Creo que definitivamente he perdido el juicio. ¿Qué clase de mujer, en pleno uso de sus facultades, decide buscar a su propio acosador en una fiesta? Si termino asesinada esta noche, seré, sin duda, la protagonista de la muerte más estúpidamente previsible de la historia.

Ya puedo imaginarme lo que diría papá.

«No voy a cuestionar tus decisiones, Anastasia. A estas alturas, sería concederte una sensatez que acabas de demostrar que no posees».
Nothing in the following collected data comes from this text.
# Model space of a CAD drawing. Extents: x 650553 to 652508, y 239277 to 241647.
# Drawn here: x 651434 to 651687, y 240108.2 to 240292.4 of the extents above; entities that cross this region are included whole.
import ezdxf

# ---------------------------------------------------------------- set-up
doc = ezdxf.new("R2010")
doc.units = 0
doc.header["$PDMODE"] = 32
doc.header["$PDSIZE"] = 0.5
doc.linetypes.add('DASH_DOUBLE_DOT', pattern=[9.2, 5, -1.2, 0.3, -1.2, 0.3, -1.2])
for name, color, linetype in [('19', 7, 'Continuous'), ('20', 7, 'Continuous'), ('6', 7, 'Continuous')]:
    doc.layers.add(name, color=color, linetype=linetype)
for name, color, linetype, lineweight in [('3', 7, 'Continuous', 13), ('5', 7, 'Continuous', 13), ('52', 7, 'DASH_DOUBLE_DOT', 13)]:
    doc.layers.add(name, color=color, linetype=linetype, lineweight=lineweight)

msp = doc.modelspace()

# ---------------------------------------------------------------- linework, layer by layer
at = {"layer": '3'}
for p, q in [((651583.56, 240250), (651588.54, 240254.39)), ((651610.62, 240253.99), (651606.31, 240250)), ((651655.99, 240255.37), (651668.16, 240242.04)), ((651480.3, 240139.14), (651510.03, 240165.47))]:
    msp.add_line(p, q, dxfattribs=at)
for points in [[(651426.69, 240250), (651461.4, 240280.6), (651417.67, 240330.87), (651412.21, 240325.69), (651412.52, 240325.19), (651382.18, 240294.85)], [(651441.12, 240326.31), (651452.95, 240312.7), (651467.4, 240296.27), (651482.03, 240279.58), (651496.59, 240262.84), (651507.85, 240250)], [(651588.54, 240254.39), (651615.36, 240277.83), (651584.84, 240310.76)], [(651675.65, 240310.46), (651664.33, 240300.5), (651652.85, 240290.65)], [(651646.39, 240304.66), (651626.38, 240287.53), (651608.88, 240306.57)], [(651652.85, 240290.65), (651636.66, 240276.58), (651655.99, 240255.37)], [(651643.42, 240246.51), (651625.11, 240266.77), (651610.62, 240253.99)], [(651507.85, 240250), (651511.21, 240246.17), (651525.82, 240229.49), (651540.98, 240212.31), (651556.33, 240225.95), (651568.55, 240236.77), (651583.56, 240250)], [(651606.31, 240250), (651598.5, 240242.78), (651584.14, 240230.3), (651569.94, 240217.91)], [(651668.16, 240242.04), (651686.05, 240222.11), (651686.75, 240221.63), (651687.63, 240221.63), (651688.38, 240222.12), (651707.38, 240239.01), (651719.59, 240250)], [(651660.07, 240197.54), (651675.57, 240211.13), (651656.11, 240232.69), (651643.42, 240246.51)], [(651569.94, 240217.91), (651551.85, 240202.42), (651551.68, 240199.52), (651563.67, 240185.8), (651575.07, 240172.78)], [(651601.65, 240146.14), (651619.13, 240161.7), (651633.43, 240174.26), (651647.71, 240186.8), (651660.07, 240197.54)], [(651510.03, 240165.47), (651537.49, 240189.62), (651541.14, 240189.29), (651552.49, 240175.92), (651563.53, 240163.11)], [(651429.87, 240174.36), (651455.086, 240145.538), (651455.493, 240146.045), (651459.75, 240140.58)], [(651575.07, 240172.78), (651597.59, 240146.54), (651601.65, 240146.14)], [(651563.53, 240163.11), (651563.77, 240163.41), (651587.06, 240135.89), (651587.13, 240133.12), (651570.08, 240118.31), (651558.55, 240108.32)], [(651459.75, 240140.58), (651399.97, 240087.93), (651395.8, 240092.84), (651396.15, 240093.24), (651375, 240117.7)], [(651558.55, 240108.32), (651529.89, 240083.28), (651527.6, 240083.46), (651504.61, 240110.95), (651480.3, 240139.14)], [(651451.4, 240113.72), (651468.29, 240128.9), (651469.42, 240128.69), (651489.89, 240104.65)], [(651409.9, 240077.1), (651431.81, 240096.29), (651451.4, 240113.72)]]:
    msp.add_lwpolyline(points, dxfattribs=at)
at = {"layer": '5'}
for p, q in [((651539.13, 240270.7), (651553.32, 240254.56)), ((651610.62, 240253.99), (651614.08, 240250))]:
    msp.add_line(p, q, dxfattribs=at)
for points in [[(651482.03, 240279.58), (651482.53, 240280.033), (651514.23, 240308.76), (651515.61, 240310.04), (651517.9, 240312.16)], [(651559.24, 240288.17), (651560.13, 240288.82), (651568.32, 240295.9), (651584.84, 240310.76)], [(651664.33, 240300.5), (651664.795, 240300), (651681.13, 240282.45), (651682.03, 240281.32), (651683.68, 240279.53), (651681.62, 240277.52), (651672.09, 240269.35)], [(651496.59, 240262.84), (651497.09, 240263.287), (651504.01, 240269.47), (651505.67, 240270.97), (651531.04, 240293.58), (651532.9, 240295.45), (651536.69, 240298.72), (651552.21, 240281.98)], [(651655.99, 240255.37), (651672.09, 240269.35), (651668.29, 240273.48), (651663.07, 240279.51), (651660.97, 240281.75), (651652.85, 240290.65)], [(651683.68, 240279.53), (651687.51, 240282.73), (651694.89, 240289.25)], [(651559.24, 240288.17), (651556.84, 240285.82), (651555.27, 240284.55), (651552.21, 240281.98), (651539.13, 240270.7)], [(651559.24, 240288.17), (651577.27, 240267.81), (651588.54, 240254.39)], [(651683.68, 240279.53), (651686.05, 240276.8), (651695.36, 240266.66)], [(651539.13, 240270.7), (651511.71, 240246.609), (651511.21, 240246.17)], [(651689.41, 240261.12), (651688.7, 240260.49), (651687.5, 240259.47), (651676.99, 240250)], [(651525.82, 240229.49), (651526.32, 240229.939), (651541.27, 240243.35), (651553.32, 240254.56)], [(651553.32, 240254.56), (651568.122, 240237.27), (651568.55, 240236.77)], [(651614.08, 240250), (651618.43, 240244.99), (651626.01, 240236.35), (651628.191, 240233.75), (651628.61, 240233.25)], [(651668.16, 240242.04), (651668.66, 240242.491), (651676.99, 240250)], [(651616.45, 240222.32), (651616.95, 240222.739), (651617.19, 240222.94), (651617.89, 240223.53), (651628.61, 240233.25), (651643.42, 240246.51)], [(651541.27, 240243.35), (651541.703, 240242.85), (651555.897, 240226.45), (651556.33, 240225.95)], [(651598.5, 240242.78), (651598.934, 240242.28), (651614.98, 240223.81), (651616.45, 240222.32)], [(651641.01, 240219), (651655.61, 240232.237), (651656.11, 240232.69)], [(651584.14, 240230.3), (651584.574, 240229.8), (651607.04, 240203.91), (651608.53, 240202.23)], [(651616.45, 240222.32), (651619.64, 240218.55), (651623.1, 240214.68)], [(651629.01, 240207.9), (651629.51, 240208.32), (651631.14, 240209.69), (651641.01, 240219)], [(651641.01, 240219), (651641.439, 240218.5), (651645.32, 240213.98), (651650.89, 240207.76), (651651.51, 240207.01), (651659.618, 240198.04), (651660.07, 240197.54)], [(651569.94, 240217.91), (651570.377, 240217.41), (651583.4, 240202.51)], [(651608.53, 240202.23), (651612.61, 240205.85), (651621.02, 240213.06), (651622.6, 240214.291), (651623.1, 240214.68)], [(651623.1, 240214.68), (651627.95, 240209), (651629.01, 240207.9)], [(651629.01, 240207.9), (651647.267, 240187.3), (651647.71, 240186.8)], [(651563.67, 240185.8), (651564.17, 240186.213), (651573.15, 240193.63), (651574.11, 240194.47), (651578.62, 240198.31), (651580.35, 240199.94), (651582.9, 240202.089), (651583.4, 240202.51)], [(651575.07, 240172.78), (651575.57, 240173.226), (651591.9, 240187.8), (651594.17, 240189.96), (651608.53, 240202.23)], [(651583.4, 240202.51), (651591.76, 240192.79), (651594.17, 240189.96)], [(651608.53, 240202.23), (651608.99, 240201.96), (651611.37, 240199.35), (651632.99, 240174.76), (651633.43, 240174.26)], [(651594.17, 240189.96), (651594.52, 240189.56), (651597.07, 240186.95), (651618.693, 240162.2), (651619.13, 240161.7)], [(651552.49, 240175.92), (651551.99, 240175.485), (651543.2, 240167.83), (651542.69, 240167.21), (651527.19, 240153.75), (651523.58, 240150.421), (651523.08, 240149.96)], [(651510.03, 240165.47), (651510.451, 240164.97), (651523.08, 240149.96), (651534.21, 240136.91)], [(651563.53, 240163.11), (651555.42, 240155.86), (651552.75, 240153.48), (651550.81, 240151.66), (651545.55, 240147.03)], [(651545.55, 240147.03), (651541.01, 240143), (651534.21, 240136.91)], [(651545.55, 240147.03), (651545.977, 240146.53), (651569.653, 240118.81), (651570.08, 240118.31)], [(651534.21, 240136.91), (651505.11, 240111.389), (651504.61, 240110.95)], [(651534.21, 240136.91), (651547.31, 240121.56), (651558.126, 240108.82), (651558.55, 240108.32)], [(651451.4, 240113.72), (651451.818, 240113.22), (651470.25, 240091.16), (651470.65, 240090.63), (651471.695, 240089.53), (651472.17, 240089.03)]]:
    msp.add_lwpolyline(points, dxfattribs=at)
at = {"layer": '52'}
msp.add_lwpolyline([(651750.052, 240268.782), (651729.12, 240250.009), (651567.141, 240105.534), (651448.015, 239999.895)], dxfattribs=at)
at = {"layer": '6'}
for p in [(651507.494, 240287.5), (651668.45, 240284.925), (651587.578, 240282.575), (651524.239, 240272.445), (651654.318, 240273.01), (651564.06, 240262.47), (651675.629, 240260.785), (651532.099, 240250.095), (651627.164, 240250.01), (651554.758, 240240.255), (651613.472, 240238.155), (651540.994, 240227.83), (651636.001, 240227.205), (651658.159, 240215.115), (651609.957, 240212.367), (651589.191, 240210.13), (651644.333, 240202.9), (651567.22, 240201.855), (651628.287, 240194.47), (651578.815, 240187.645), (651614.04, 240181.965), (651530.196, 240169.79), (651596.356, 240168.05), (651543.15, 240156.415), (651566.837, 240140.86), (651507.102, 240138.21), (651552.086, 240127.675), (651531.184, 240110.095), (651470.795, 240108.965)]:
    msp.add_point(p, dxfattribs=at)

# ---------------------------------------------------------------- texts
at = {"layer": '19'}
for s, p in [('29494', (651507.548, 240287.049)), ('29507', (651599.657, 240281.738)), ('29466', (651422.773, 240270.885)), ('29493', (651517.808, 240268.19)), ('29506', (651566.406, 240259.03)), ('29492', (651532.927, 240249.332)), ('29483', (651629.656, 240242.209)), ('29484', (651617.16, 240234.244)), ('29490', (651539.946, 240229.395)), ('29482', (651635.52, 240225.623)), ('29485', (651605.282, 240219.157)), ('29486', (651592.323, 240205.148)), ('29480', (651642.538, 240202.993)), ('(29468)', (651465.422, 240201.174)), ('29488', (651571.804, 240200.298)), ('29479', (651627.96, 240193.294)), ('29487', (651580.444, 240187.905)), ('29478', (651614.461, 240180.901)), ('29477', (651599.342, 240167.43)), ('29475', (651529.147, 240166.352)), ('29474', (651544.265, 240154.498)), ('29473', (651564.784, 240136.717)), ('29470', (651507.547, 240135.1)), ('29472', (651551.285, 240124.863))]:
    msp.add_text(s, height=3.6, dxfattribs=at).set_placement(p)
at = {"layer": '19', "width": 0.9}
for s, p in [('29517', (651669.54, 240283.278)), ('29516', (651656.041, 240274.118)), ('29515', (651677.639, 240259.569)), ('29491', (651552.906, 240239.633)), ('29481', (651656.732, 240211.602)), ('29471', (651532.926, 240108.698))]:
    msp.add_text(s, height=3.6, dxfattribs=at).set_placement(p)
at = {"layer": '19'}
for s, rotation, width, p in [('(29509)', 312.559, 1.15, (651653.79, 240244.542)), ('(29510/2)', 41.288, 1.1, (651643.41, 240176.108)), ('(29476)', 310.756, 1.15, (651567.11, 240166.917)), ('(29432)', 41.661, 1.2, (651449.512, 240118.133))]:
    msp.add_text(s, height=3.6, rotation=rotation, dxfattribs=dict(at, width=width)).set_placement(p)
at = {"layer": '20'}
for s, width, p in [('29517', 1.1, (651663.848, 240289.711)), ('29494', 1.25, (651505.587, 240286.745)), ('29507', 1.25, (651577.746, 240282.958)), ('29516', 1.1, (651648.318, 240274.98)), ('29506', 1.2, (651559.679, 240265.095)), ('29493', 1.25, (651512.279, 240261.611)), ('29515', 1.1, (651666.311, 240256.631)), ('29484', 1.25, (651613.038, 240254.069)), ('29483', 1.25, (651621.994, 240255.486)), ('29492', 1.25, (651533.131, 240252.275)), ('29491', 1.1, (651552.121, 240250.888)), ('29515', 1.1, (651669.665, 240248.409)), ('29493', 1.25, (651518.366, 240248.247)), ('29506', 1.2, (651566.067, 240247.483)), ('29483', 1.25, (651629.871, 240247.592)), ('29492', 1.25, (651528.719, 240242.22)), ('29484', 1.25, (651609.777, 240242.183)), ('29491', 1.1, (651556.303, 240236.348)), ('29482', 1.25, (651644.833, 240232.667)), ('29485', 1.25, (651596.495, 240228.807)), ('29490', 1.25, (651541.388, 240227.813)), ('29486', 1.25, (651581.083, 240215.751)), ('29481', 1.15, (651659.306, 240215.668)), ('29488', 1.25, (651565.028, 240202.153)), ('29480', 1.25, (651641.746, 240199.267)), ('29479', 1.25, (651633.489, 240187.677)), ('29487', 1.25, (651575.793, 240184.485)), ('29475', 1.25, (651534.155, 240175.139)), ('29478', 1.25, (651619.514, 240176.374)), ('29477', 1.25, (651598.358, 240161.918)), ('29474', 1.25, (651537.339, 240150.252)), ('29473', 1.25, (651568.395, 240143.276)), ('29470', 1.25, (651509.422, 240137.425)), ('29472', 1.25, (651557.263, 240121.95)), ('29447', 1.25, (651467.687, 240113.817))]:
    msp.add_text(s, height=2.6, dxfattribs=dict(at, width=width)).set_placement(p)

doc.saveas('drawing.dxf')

No sería, desde luego, la primera vez que lo decepcionaría. A estas alturas, dudo que pueda sorprenderlo con algo nuevo. Enamorarme de mi chófer y guardaespaldas fue, sin duda, una metida de pata de proporciones monumentales.

Otra cosa más que añadir a la interminable lista de razones que mamá parece coleccionar bajo el título de «Razones por las que quiero más a mis otros dos hijos».

Yo soy la defectuosa, por supuesto.

Es curioso, considerando que ninguno de los dos se ha tomado realmente en serio eso de ser mis padres. Y cuando ocasionalmente recuerdan que deberían ejercer como tales, el esfuerzo rara vez sobrepasa los diez minutos antes de que vuelvan a sus propias vidas.

Una notificación me arranca de mi espiral de lamentaciones y, toda la amargura que estaba rumiando queda relegada a un segundo plano.


@____: ¿Sabías que la tristeza puede nublar la atención? Lo leí en alguna parte. Quizá debería regalarte ese libro, así la próxima vez que te empeñes en estar triste podrás recordar que no quiero que nada opaque esos bonitos gestos tuyos. Ahora concéntrate, cielo. No querrás perder la pista tan pronto.

Una sonrisa traicionera curva mis labios, pero la disimulo bajando la mirada.

Entonces recuerdo uno de los tantos consejos de Alexa.

«Solo tenemos una vida, cariño. Y sería desolador llegar al final con la memoria abarrotada de todo aquello que deseaste hacer y apenas unos cuantos recuerdos de lo que realmente te permitiste vivir. No conviertas tu existencia en una interminable espera por el momento adecuado. El después es solo una posibilidad. Así que vive ahora, equivócate ahora, ama ahora. Esta oportunidad no volverá a presentarse».

Yo: Ding, ding, ding. Mil euros para el misterioso caballero de corazón romántico.

@____: No soy romántico, pero ding, ding, ding. Tres millones de euros para la mujer más hermosa de esta fiesta.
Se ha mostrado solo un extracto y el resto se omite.